(3) … Can language be taken as the model / interpretant of all other semiotic systems …
(McDonald 2013):
[F]rom the point of view of a general semiology, it is the very difficulty of accounting for the largely symbolic, unmotivated nature of linguistic signs that makes a clear understanding of linguistic meaning very hard to attain. At the same time, whether or not we regard language as functioning as the (potential) interpreter of all other semiotic systems, it is undeniable that it tends to be used that way by many semioticians, especially Social Semioticians, very often in the same breath as denying that language has any special status. A refocusing on communication as multimodal may well be being forced on us by developments in communicative technologies, as Machin suggests, but it also represents a long overdue recognition of the importance of embodied semiotics in much human interaction, as Ruthrof shows.… Much multimodal work in the Social Semiotic tradition seems curiously visually-biased, and at the same time largely unproblematically ‘analogising’ concepts from linguistics for the analysis of other semiotic systems, without seemingly feel much need, as Machin notes, to engage with existing scholarship in those areas.

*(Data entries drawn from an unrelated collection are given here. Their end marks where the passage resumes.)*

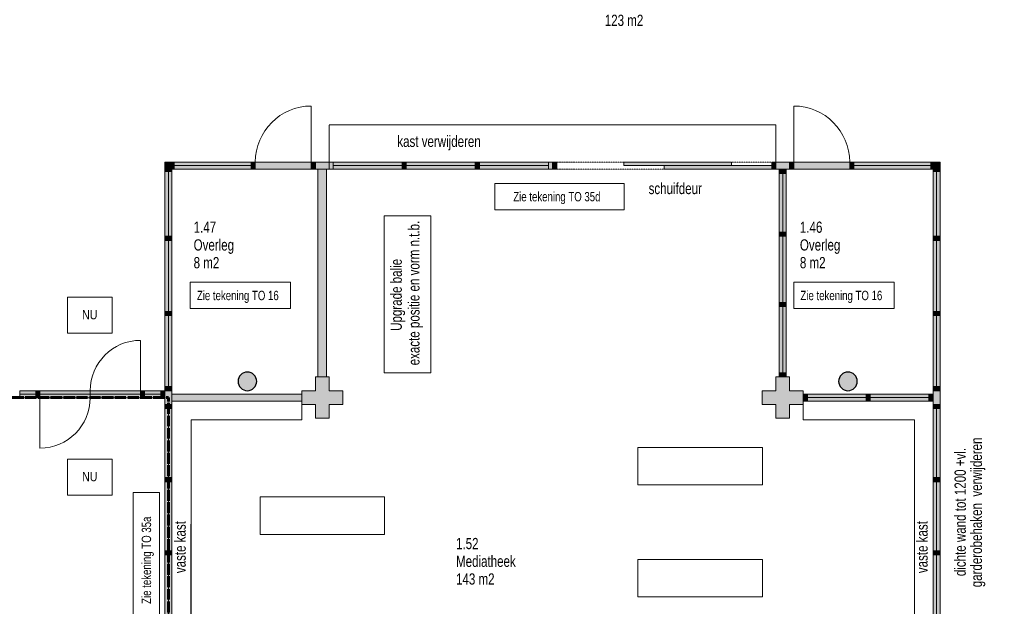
# Model space of a CAD drawing. Header units: millimetres. Extents: x 73705 to 433105, y 109410 to 279410.
# Tile 55 of 90: x 238418 to 254242, y 238614 to 248032. Entities that reach past the tile are written whole.
import ezdxf

# ---------------------------------------------------------------- set-up
doc = ezdxf.new("R2010")
doc.units = ezdxf.units.MM
for name, pattern in [('brand  WBDBO 30 min', [11, 4, -1, 2, -1, 2, -1]), ('Overhead', [2.5, 1.5, -1]), ('Stippel', [1.53, 1, -0.53])]:
    doc.linetypes.add(name, pattern=pattern)
for name, color, linetype, lineweight in [('A-DETL', 90, 'Continuous', 9), ('A-DETL-DEMO', 6, 'Stippel', 9), ('A-DETL-GENF', 92, 'Continuous', 9), ('A-DETL-THIN', 151, 'Continuous', 9), ('A-DETL-WIDE', 214, 'Continuous', 30), ('G-ANNO-TEXT', 231, 'Continuous', 9)]:
    doc.layers.add(name, color=color, linetype=linetype, lineweight=lineweight)
doc.styles.add('Arial Narrow', font='ARIALN.TTF', dxfattribs={"width": 0.9, "height": 180})
doc.styles.add('Arial Narrow_B', font='ARIALN.TTF', dxfattribs={"width": 0.9, "height": 180})
doc.styles.add('Arial Narrow_B_1', font='ARIALN.TTF', dxfattribs={"height": 150})
doc.styles.add('Arial Narrow_B_2', font='ARIALN.TTF', dxfattribs={"width": 0.9, "height": 150})

msp = doc.modelspace()

# ---------------------------------------------------------------- hatches: boundary and pattern name
at = {"layer": 'A-DETL-GENF'}
for color, points in [(7, [(240833.6, 245663), (240834.1, 245663), (240833.6, 245746), (240751.1, 245746), (240751.1, 245663)]), (7, [(240865.1, 245632), (240900.6, 245632), (240900.6, 245746), (240834.1, 245746), (240834.1, 245663), (240865.1, 245663)]), (7, [(242137.6, 245632), (242137.6, 245746), (240900.6, 245746), (240900.6, 245632), (241040.1, 245632)]), (7, [(242204.6, 245632), (242204.6, 245746), (242137.6, 245746), (242137.6, 245632)]), (7, [(242204.6, 245632), (243104.6, 245632), (243104.6, 245746), (242204.6, 245746)]), (7, [(243171.6, 245632), (243171.1, 245746), (243104.6, 245746), (243104.6, 245632), (243171.1, 245632)]), (7, [(243390.6, 245632), (243390.6, 245746), (243171.6, 245746), (243171.6, 245632), (243351.1, 245632)]), (7, [(244564.6, 245632), (244631.6, 245632), (244631.6, 245746), (244564.6, 245746)]), (7, [(245806.6, 245632), (245806.6, 245746), (245739.6, 245746), (245739.6, 245632)]), (7, [(247048.1, 245632), (247048.1, 245746), (246981.1, 245746), (246981.1, 245632)]), (7, [(248776.3, 245689), (249856.2, 245689), (249856.2, 245746), (248127.9, 245746), (248127.9, 245689)]), (7, [(250571.6, 245632), (250571.6, 245746), (250504.6, 245746), (250504.6, 245632)]), (7, [(250738.1, 245632), (250790.6, 245632), (250790.6, 245746), (250571.6, 245746), (250571.6, 245632), (250624.1, 245632)]), (7, [(250857.6, 245632), (250857.6, 245746), (250790.6, 245746), (250791.1, 245632)]), (7, [(251757.6, 245632), (251757.6, 245746), (250857.6, 245746), (250857.6, 245632)]), (7, [(251757.6, 245632), (251824.6, 245632), (251824.6, 245746), (251757.6, 245746), (251757.6, 245663)]), (7, [(253061.6, 245632), (253061.6, 245746), (251824.6, 245746), (251824.6, 245632)]), (7, [(253061.6, 245632), (253097.1, 245632), (253097.1, 245663), (253128.1, 245663), (253128.1, 245746), (253061.6, 245746), (253061.6, 245663)]), (7, [(253128.1, 245663), (253211.1, 245663), (253211.1, 245746), (253128.1, 245746)]), (7, [(240751.1, 245596), (240865.1, 245596), (240865.1, 245663), (240751.1, 245663)]), (7, [(240865.1, 244554.7), (240865.1, 245596), (240751.1, 245596), (240751.1, 244554.7)]), (150, [(243351.1, 242295), (243351.1, 245632), (243211.1, 245632), (243211.1, 242295)]), (7, [(249856.2, 245632), (250504.6, 245632), (250504.6, 245689), (248776.3, 245689), (248776.3, 245632)]), (7, [(250738.1, 245565), (250738.1, 245632), (250624.1, 245632), (250624.1, 245565)]), (7, [(253211.1, 245596), (253211.1, 245663), (253097.1, 245663), (253097.1, 245596), (253128.6, 245596)]), (7, [(253211.1, 244554.7), (253211.1, 245596), (253097.1, 245596), (253097.1, 244554.7)]), (7, [(250738.1, 244621.4), (250738.1, 245565), (250624.1, 245565), (250624.1, 244621.4)]), (7, [(240865.1, 244487.7), (240865.1, 244554.7), (240751.1, 244554.7), (240751.1, 244487.7)]), (7, [(240865.1, 243348.4), (240865.1, 244487.7), (240751.1, 244487.7), (240751.1, 243348.4)]), (7, [(250738.1, 244554.4), (250738.1, 244621.4), (250624.1, 244621.4), (250624.1, 244554.4)]), (7, [(250738.1, 243491.7), (250738.1, 244554.4), (250624.1, 244554.4), (250624.1, 243491.7)]), (7, [(253211.1, 244487.7), (253211.1, 244554.7), (253097.1, 244554.7), (253097.1, 244487.7)]), (7, [(253211.1, 243348.4), (253211.1, 244487.7), (253097.1, 244487.7), (253097.1, 243348.4)]), (7, [(250738.1, 243424.7), (250738.1, 243491.7), (250624.1, 243491.7), (250624.1, 243424.7)]), (7, [(250738.1, 242362), (250738.1, 243424.7), (250624.1, 243424.7), (250624.1, 242362)]), (7, [(240865.1, 243281.4), (240865.1, 243348.4), (240751.1, 243348.4), (240751.1, 243281.4)]), (7, [(240865.1, 242142), (240865.1, 243281.4), (240751.1, 243281.4), (240751.1, 242142)]), (7, [(253211.1, 243281.4), (253211.1, 243348.4), (253097.1, 243348.4), (253097.1, 243281.4)]), (7, [(253211.1, 242142), (253211.1, 243281.4), (253097.1, 243281.4), (253097.1, 242142)]), (7, [(242077.1, 242075), (242115.9, 242080.2), (242152.1, 242095.1), (242183.1, 242119), (242207, 242150), (242222, 242186.2), (242227.1, 242225), (242222, 242263.9), (242204.6, 242303.2), (242183.1, 242331.1), (242152.1, 242354.9), (242115.9, 242369.9), (242077.1, 242375), (242038.2, 242369.9), (242002.1, 242354.9), (241971, 242331.1), (241947.2, 242300), (241932.2, 242263.9), (241927.1, 242225), (241932.2, 242186.2), (241947.2, 242150), (241971, 242119), (242002.1, 242095.1), (242038.2, 242080.2)]), (7, [(243211.1, 241635), (243391.1, 241635), (243391.1, 241855), (243611.1, 241855), (243611.1, 242075), (243391.1, 242075), (243391.1, 242295), (243171.1, 242295), (243171.1, 242075), (242951.1, 242075), (242951.1, 241855), (243171.1, 241855), (243171.1, 241635)]), (7, [(250791.1, 241635), (250791.1, 241855), (251011.1, 241855), (251011.1, 242075), (250791.1, 242075), (250791.1, 242295), (250571.1, 242295), (250571.1, 242075), (250351.1, 242075), (250351.1, 241855), (250571.1, 241855), (250571.1, 241635)]), (7, [(250738.1, 242295), (250738.1, 242362), (250624.1, 242362), (250624.1, 242295)]), (7, [(251729.1, 242075), (251767.9, 242080.2), (251804.1, 242095.1), (251835.1, 242119), (251859, 242150), (251874, 242186.2), (251879.1, 242225), (251874, 242263.9), (251859, 242300), (251835.1, 242331.1), (251804.1, 242354.9), (251767.9, 242369.9), (251729.1, 242375), (251690.2, 242369.9), (251654.1, 242354.9), (251623, 242331.1), (251599.2, 242300), (251584.2, 242263.9), (251579.1, 242225), (251584.2, 242186.2), (251599.2, 242150), (251623, 242119), (251654.1, 242095.1), (251690.2, 242080.2)]), (7, [(240751.1, 242075), (240865.1, 242075), (240865.1, 242142), (240751.1, 242142)]), (7, [(253211.1, 242075), (253211.1, 242142), (253097.1, 242142), (253097.1, 242075)]), (7, [(238675.9, 241961), (238675.9, 242075), (238418.1, 242075), (238418.1, 241961)]), (7, [(238675.9, 241961), (238742.9, 241961), (238742.9, 242075), (238675.9, 242075)]), (7, [(240359.2, 241961), (240359.2, 242075), (238742.9, 242075), (238742.9, 241961)]), (7, [(240426.2, 241961), (240426.2, 242075), (240359.2, 242075), (240359.2, 241961)]), (7, [(240426.2, 241961), (240684.1, 241961), (240684.1, 242075), (240426.2, 242075)]), (7, [(240751.1, 241961), (240751.1, 242075), (240684.1, 242075), (240684.1, 241961)]), (7, [(240751.1, 241855.5), (240865.1, 241855.5), (240865.1, 242075), (240751.1, 242075)]), (7, [(242951.1, 241908), (242951.1, 242022), (240865.1, 242022), (240865.1, 241908), (241040.1, 241908)]), (7, [(251078.1, 241908), (251078.1, 242022), (251011.1, 242022), (251011.1, 241908)]), (7, [(251078.1, 241908), (252020.6, 241908), (252020.6, 242022), (251078.1, 242022)]), (7, [(252087.6, 241908), (252087.6, 242022), (252020.6, 242022), (252020.6, 241908)]), (7, [(253030.1, 241908), (253030.1, 242022), (252087.6, 242022), (252087.6, 241908)]), (7, [(253097.1, 241908), (253097.1, 242022), (253030.1, 242022), (253030.1, 241908)]), (7, [(253097.1, 241855.5), (253211.1, 241855.5), (253211.1, 242075), (253097.1, 242075), (253097.1, 241908)]), (7, [(240751.1, 241788), (240865.1, 241788), (240865.1, 241855), (240751.1, 241855)]), (7, [(253097.1, 241788), (253211.1, 241788), (253211.1, 241855), (253097.1, 241855)]), (7, [(240865.1, 240614), (240865.1, 240681), (240751.1, 240681), (240751.1, 240614)]), (7, [(253211.1, 240614), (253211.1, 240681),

[A]: the largely symbolic nature of linguistic signs is difficult to account for.
[B]: [A] makes a clear understanding of linguistic meaning very hard to attain.
With regard to [A], the largely symbolic nature of linguistic signs is accounted for by the fact that it evolved in the species from symbolic protolinguistic signs (phylogenesis) and develops in the individual from symbolic protolinguistic signs (ontogenesis). So the question is, rather, why should protolinguistic signs be largely symbolic? On Halliday's model, the symbolic nature of protolinguistic signs can be understood as motivated by the general functions that protolanguage serves: the personal, interactional, instrumental and regulatory microfunctions.
With regard to [B], this is clearly false, since a clear understanding of linguistic meaning is demonstrated whenever the users of language understand each other's meaning, and a clear theoretical understanding of linguistic meaning is proposed by linguistic theories such as SFL.
[2] To be clear, McDonald provides no evidence in support of his ad hominem attack.
[3] To be clear, SFL Theory explicitly models language as "embodied" semiotics in human interaction. Halliday (2003: 13):
[4] To be clear, written language is also "visually-based".
[5] To be clear, scholarship framed in terms of other theories needs to be reframed in terms of the theory being used. In the immanent view of meaning that SFL Theory takes, there is no ultimate theory of phenomena that can be reached by cherry-picking from different theories. Instead, there are applications of each theory that are either valid or invalid in terms of that theory.